I've heard a lot of responses, but if you sweet talk them, they might just let you out there. 
*BUT*, remember it is there land. Some can be damn mean. If they do let you on, and you take a coyote, make sure you bring it back to the farm and show it to them, it'll make for a lot of open doors. Trust me.

xdeano


----------



## LeviM (Dec 3, 2006)

To be honest I have hardly ever been turn down! Infact I usually have rancher drive us around and show us where he sees coyotes. Once we had a lady ask to come in her house and have a piece of cake before we went hunting on her land.


----------



## saskcoyote (Dec 30, 2006)

I guess I'm lucky enough to have the same experiences as Levi. Of all the places I've asked permission to hunt on, I've only been turned down twice (Both by women. Maybe the coyotes haven't stolen their pussies out of the barn yet.  ).

Ya know what the biggest problem I have is? I have guys who've had calves killed who want me to get out there and whack a few dogs. Problem this winter is that with work commitments, I just haven't been able to get out there. Maybe that'll change soon. 8)

xdeano has a good approach. There are plenty of reasons why folks should WANT you to kill yotes on their land, they just don't know it yet. Like a sales whiz once said: "Don't sell them shoes, sell their 'comfort'." :wink:

Good luck on getting permission and shoot straight once you get it. Saskcoyote


----------



## Mocsy (Jan 11, 2008)

where i live hunting is becoming a buisness. people charging an arm a a leg for pheasant and deer hunts and nobody hunts unless they have a fat wallet. i have tried to reason with people telling them that if i take a few coyotes that they will have better pheasant and deer populations the next year but all they can see is $ signs.

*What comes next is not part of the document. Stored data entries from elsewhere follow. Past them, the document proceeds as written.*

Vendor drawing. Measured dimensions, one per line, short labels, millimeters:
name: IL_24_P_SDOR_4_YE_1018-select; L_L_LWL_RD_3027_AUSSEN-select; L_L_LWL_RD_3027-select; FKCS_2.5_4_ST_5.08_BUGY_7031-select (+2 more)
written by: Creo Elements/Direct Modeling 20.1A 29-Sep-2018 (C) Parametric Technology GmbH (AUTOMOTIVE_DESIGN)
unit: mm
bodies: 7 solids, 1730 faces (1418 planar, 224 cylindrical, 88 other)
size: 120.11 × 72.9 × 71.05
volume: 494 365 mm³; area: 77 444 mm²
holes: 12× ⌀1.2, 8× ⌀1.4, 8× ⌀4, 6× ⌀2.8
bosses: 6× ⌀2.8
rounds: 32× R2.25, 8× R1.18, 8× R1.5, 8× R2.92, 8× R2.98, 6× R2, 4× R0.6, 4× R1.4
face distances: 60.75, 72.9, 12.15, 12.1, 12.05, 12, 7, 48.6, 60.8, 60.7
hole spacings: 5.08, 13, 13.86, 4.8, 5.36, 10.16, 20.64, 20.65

and there is also lots of people with money buying all the hunting rights and comming out once a year and hunting and not letting any one but them and there big wig city friends hunt.

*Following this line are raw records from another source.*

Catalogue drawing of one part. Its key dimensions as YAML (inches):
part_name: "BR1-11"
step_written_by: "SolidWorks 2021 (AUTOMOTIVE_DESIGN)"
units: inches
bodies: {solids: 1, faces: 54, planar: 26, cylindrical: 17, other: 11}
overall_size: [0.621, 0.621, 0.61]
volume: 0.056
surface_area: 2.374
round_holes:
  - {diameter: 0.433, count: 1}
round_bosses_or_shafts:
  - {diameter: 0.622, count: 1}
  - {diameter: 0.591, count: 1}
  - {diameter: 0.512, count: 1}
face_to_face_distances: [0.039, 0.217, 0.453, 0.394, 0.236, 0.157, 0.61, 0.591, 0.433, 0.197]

its sad that this is what the world is comming. out in western south dakota people will almost pay you to shoot coyotes.


----------



## boondocks (Jan 27, 2006)

Here in ND I hardly ever get turned down for coyote hunting.

Opposite for deer and pheasant.


----------



## northerngoosehunter (Mar 22, 2006)

Where exactly do you live in SD?? I cant belive your having a hard time finding a place to coyote hunt.


----------



## bud69652 (Feb 6, 2006)

I live in eastern SD and have had absolutely no problems getting permission. So far within the past four years of hunting coyotes, I have only been turned down twice. Once was because another hunter had asked to go out the same morning and the other was because the landowner had horses in the next quarter. Most people will let you hunt coyotes. Most of the time when I stop in and ask permision they will tell me when and where they have been seeing them. One landowner went as far as callng his two neighbors and asked them if I could hunt their land too! Keep asking, eventually more people will give permission.


----------



## Mocsy (Jan 11, 2008)

i live north east of sioux falls about 10 miles maybe i should start trying to find ranchers instead of the prime coyote ground. there is a lot of tree belts at grass planted for pheasant and deer habitat and thats where i stop and ask. if i can find a rancher that has been hearing coyotes in the nieghbors i might have better luck.

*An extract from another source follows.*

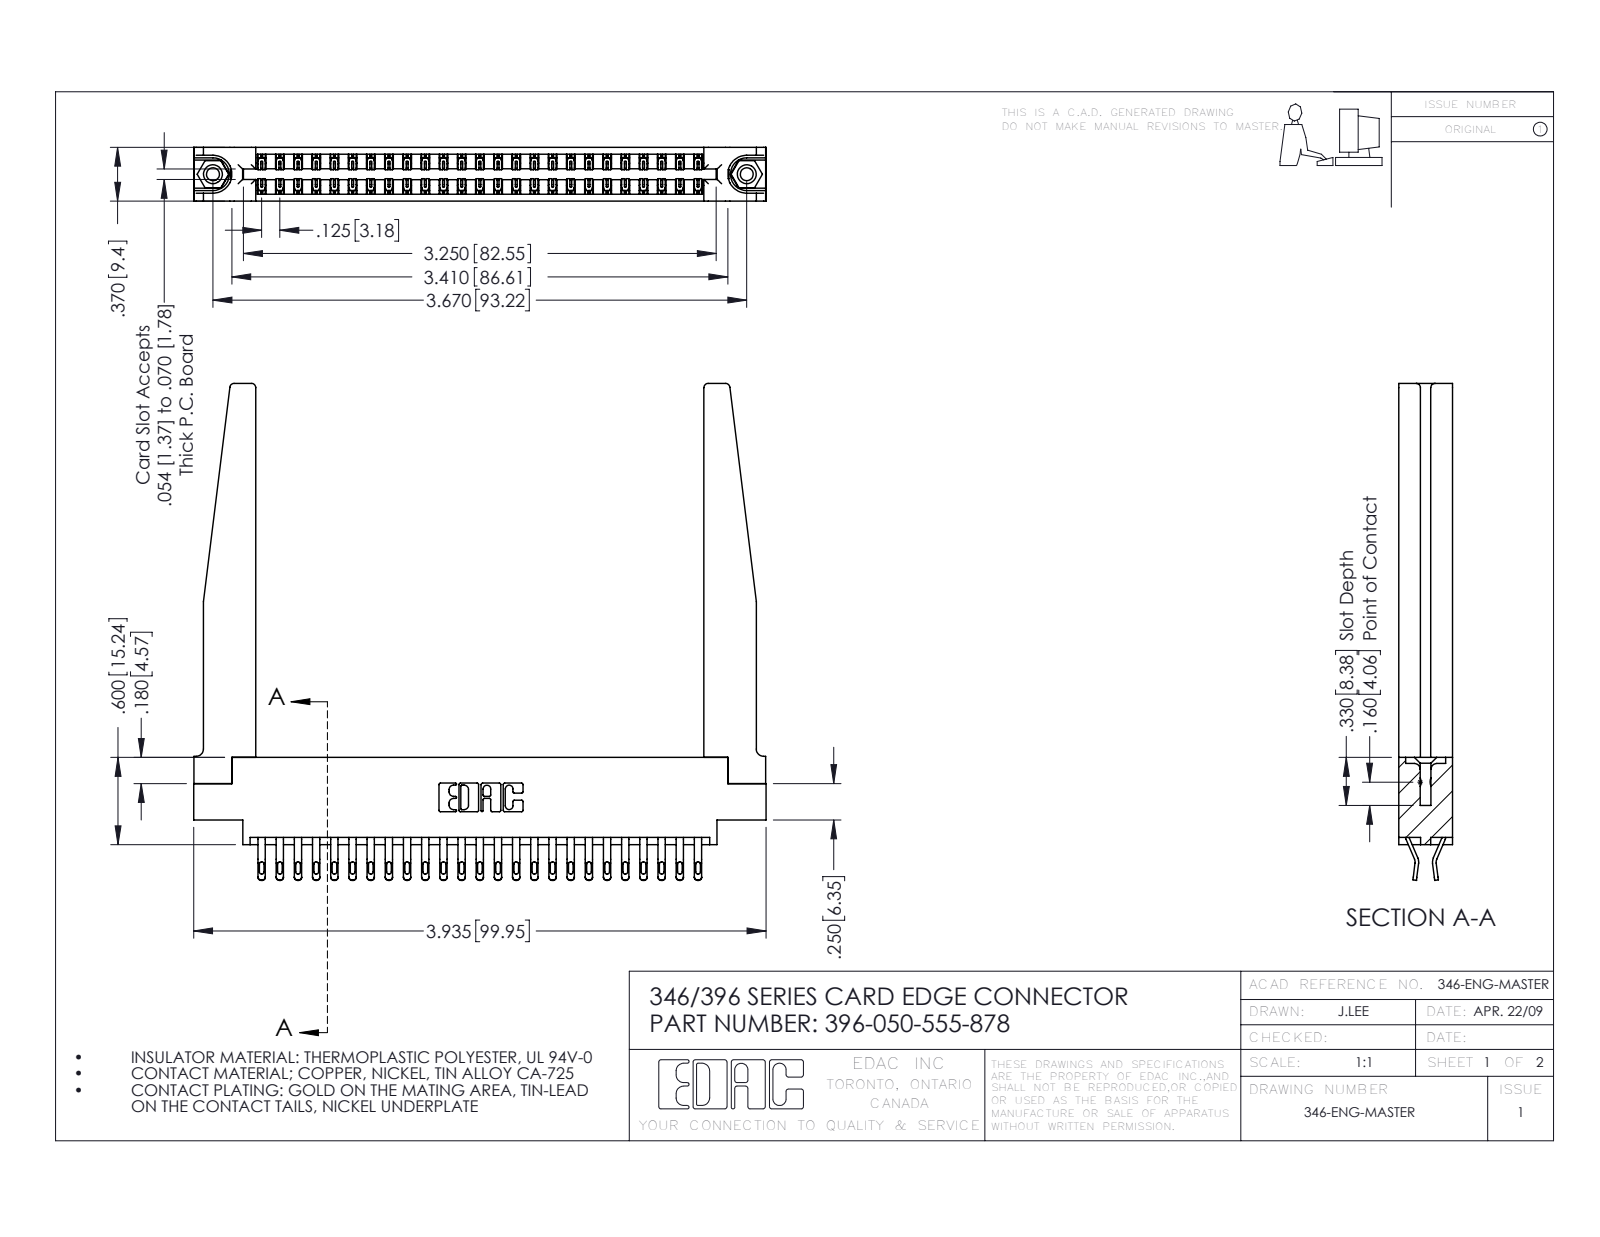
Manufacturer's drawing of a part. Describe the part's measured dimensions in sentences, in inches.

i think another downfall is that im 22 and look young lots of people around big cities dont trust kids with guns


----------



## DVXDUDE (Apr 3, 2007)

same here Mocsy. I look pretty young for my age and every farmer says the same thing. "I keep my cows out in that field, I dont want any of them shot" . Like they actually believe im going to mistake a cow for a coyote. Most of them think we are all trigger happy lunitics


----------



## coyote_buster (Mar 11, 2007)

We if thier is any livestock in the field don't ask, if you try talking them into don't try to much or you just piss them off. If they say no leave a 'business' card and tell them if they ever change thier mind to call you. Not long ago I got told no by a good friend of my dads because he said he didn't want the calves to get spooked but then I told where I was going to call from and he changed my mind.


----------



## ay tee (Jun 11, 2007)

i agree that money is becoming a huge part in hunting in sd... the problem is, it will get worse... there is becoming more and more land that is touched once a year the rest of the year it sits with nobody caring for it or hunting it, this is bringing new noxious weeds to the state, and raising the numbers of every animal except deer and pheasant... back home there was some land by my buddies that was owned by a guy from out of state and farmed by a guy from 75 miles away... i saw a coyote on it last summer and i had no choice but to let him run... 
i would suggest talking to ranchers and farmers rather than just prime land to hunt... chances are the ranchers and farmers know other people in the area who have coyotes also, they talk to their neighbors, where people looking for money really don't get along with any other land owners, I'm not saying all of them but most of them won't get hunting information from their neighbors... and the farmers and ranchers are the ones who spend their time in the fields, and have the money invested into high dollar equipment that can easily get ruined if it is driven into a hole made by a coyote... 
another thing you might want to try is talking to gun shops, they might know places or people looking for coyote control


----------



## fasenbuster (Jan 12, 2008)

Answer: 
Politely thank them for there time. Don't say "If you change your mind" try saying
"If you know anyone that has a problem with coyotes, here is my name and number".
Don't go to the door covered in blood. You'll have better success in street cloths not appearing to be anxious. If they say yes don't grab your gun and start shooting.
Ask the land owner when would be good for them show you their boundaries. 
My hunting buddy and I (without exaggeration, a rarity for a forum) have permission to coyote hunt over 20,000 acres of private land around Il. Get permission in the spring or summer months. A little labor will get you far. Offer a trade, painting, plumbing, roofing,
Whatever you're skilled at, offer it up.
Word of mouth will get you more permission or take it away faster then anything.
One last thing before I lose your interest&#8230; Get the permission in writing. Some states require this. You can find all sorts of blank forms like this on the net.


----------



## NMNate (Jan 19, 2008)

Yeah some people's reasons are quite odd.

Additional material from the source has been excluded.